RECORDS SHOWN
· · ·

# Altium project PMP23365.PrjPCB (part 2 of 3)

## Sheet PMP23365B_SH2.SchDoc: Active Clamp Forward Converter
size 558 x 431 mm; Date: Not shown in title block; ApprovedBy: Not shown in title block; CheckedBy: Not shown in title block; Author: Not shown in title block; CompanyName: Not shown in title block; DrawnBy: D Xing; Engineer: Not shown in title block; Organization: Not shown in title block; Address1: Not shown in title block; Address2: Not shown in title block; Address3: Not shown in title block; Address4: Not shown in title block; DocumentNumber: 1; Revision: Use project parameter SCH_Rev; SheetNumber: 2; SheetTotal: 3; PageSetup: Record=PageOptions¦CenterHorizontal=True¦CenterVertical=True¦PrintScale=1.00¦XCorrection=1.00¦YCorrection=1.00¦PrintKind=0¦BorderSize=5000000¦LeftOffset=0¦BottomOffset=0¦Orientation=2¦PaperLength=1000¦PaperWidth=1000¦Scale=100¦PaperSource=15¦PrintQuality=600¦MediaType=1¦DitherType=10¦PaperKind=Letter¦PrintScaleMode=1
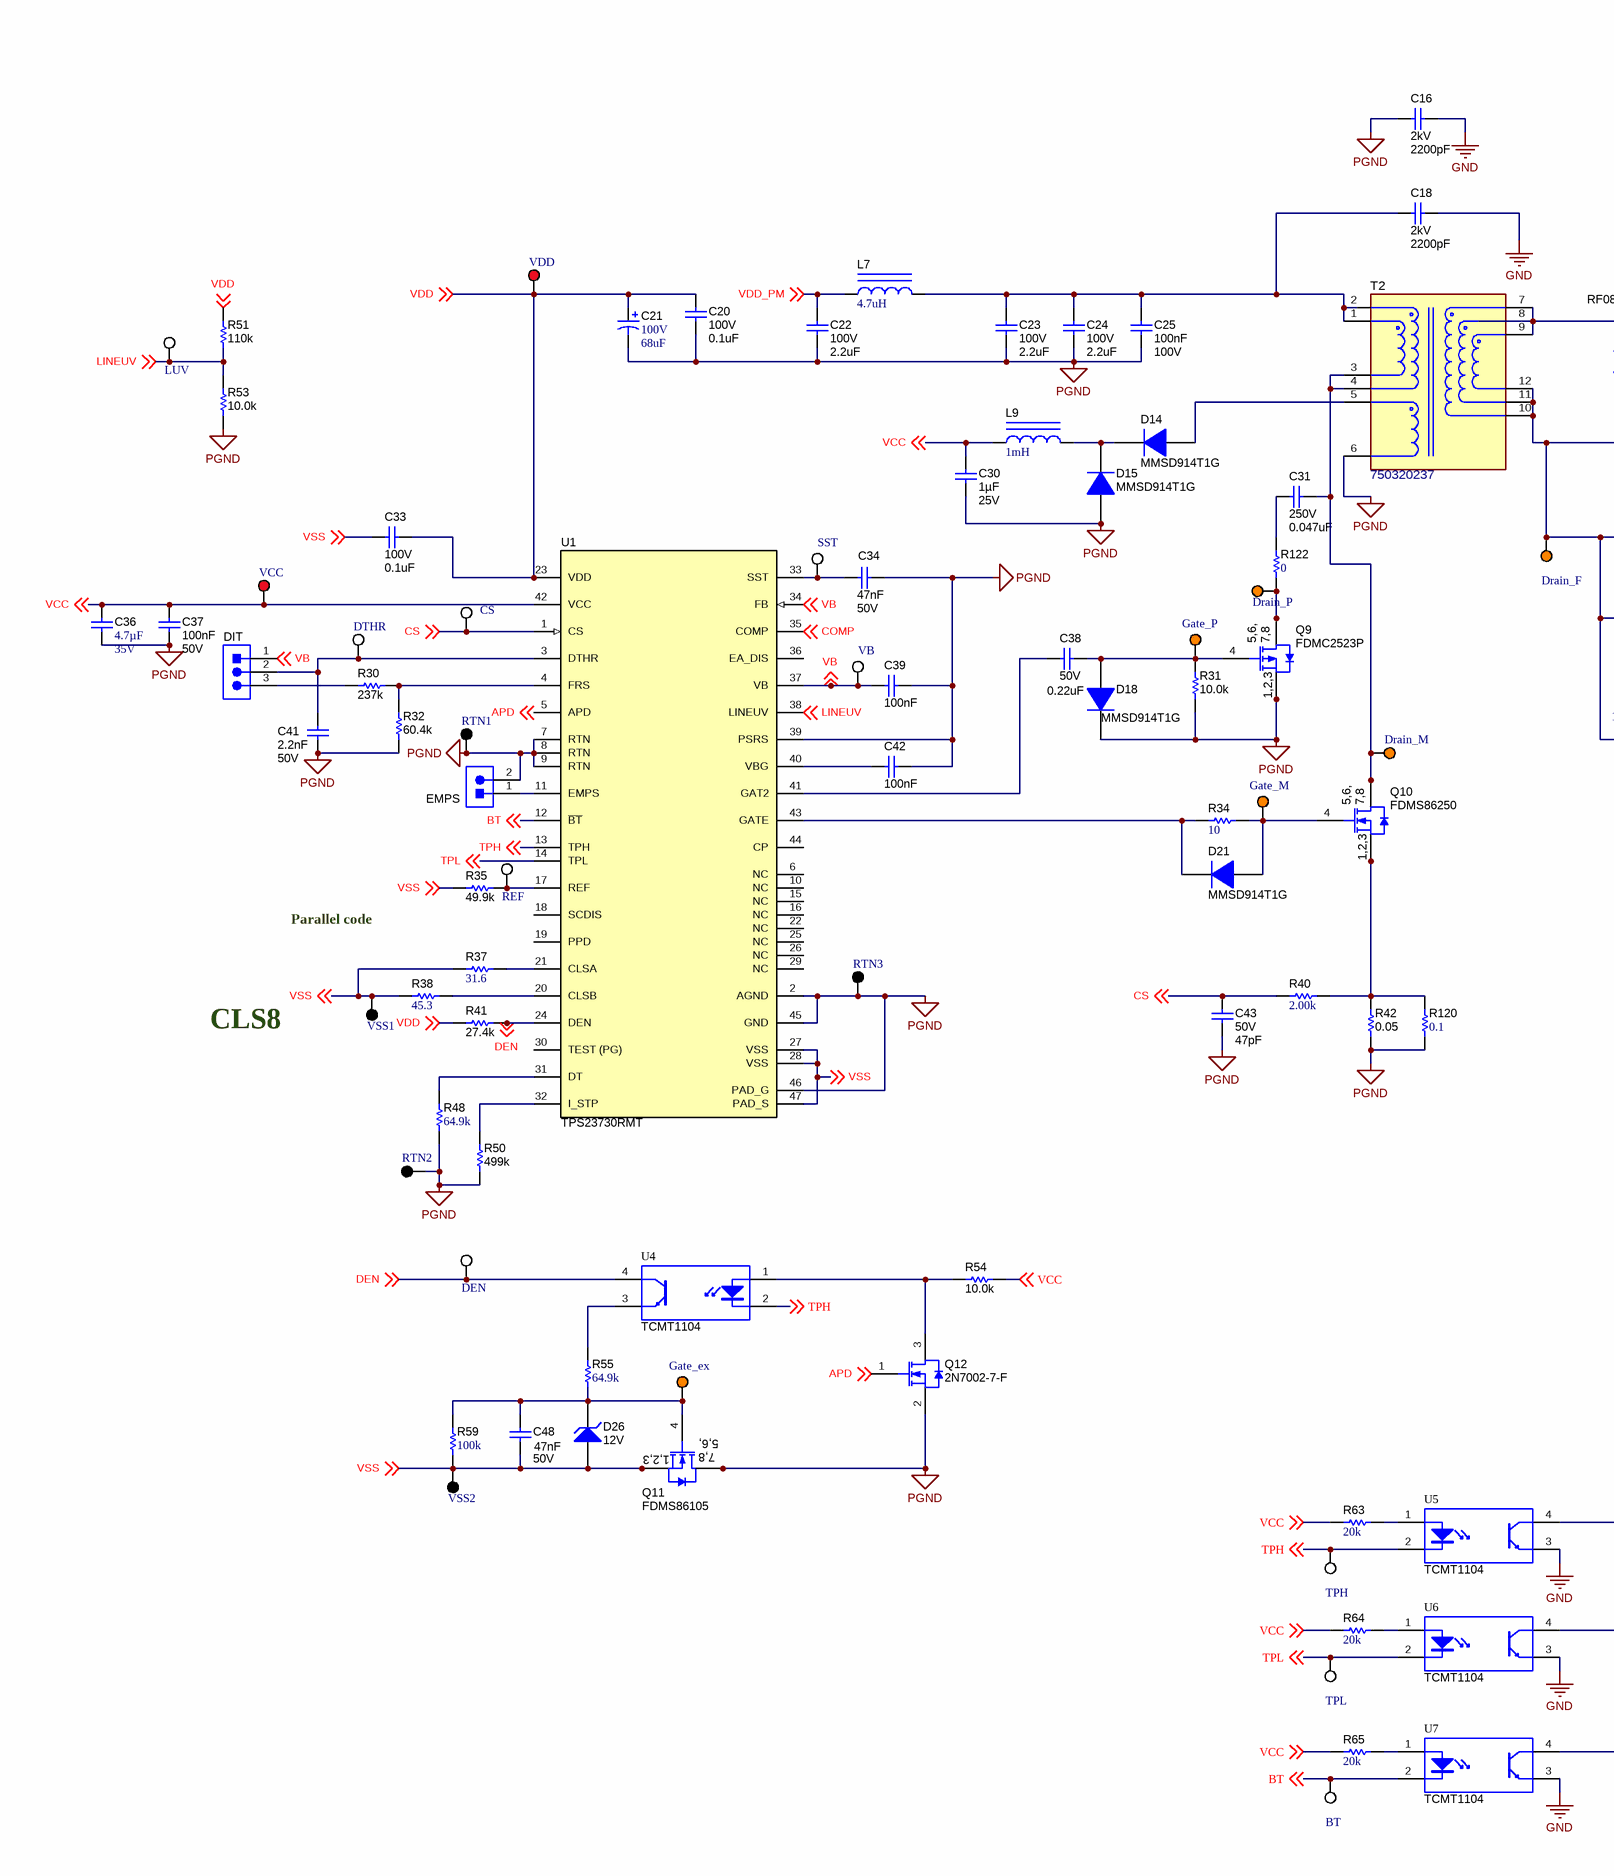
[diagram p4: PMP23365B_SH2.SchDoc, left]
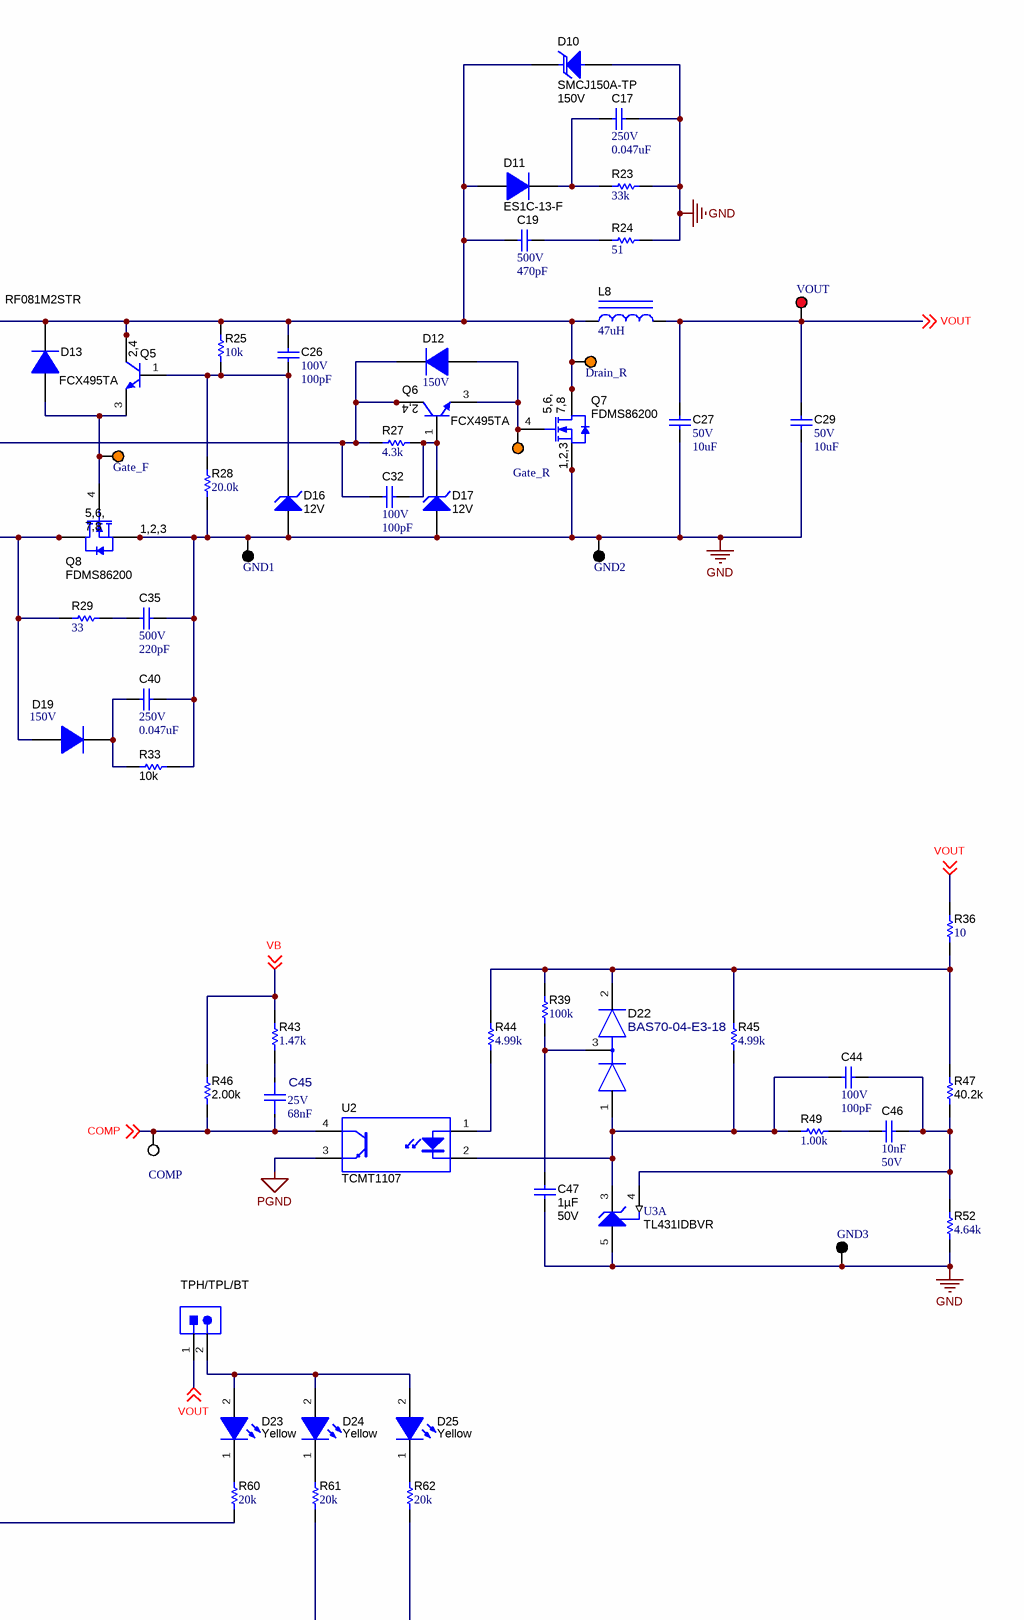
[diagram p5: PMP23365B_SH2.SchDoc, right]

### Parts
BT  5002  [Keystone5002]  (value not drawn)
C16  VDC_V: 2kV  ValueDisplayed: 2200pF  [1812_HV]  (hidden comment: C4532X7R3D222K130KA)
C17  VDC_V: 250V  ValueDisplayed: 0.047uF  [1206_180]  (hidden comment: GRM31CR72E473KW03L)
C18  VDC_V: 2kV  ValueDisplayed: 2200pF  [1812_HV]  (hidden comment: C4532X7R3D222K130KA)
C19  VDC_V: 500V  ValueDisplayed: 470pF  [1206]  (hidden comment: VJ1206Y471KBEAT4X)
C20  VDC_V: 100V  ValueDisplayed: 0.1uF  [1206]  (hidden comment: GRM319R72A104KA01D)
C21  VDC_V: 100V  ValueDisplayed: 68uF  [CAPSMT_62_KE0]  (hidden comment: EMVA101ATR680MKE0S)
C22  VDC_V: 100V  ValueDisplayed: 2.2uF  [1210_270]  (hidden comment: GRM32ER72A225KA35L)
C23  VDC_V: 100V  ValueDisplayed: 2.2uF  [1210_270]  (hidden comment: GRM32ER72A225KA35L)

· · ·

WORK TASK
Your task is to set down the records shown above exactly, minus any pictures.

TASK OUTPUT
# Altium project PMP23365.PrjPCB (part 2 of 3)

## Sheet PMP23365B_SH2.SchDoc: Active Clamp Forward Converter
size 558 x 431 mm; Date: Not shown in title block; ApprovedBy: Not shown in title block; CheckedBy: Not shown in title block; Author: Not shown in title block; CompanyName: Not shown in title block; DrawnBy: D Xing; Engineer: Not shown in title block; Organization: Not shown in title block; Address1: Not shown in title block; Address2: Not shown in title block; Address3: Not shown in title block; Address4: Not shown in title block; DocumentNumber: 1; Revision: Use project parameter SCH_Rev; SheetNumber: 2; SheetTotal: 3; PageSetup: Record=PageOptions¦CenterHorizontal=True¦CenterVertical=True¦PrintScale=1.00¦XCorrection=1.00¦YCorrection=1.00¦PrintKind=0¦BorderSize=5000000¦LeftOffset=0¦BottomOffset=0¦Orientation=2¦PaperLength=1000¦PaperWidth=1000¦Scale=100¦PaperSource=15¦PrintQuality=600¦MediaType=1¦DitherType=10¦PaperKind=Letter¦PrintScaleMode=1
[diagram p4: PMP23365B_SH2.SchDoc, left]
[diagram p5: PMP23365B_SH2.SchDoc, right]

### Parts
BT  5002  [Keystone5002]  (value not drawn)
C16  VDC_V: 2kV  ValueDisplayed: 2200pF  [1812_HV]  (hidden comment: C4532X7R3D222K130KA)
C17  VDC_V: 250V  ValueDisplayed: 0.047uF  [1206_180]  (hidden comment: GRM31CR72E473KW03L)
C18  VDC_V: 2kV  ValueDisplayed: 2200pF  [1812_HV]  (hidden comment: C4532X7R3D222K130KA)
C19  VDC_V: 500V  ValueDisplayed: 470pF  [1206]  (hidden comment: VJ1206Y471KBEAT4X)
C20  VDC_V: 100V  ValueDisplayed: 0.1uF  [1206]  (hidden comment: GRM319R72A104KA01D)
C21  VDC_V: 100V  ValueDisplayed: 68uF  [CAPSMT_62_KE0]  (hidden comment: EMVA101ATR680MKE0S)
C22  VDC_V: 100V  ValueDisplayed: 2.2uF  [1210_270]  (hidden comment: GRM32ER72A225KA35L)
C23  VDC_V: 100V  ValueDisplayed: 2.2uF  [1210_270]  (hidden comment: GRM32ER72A225KA35L)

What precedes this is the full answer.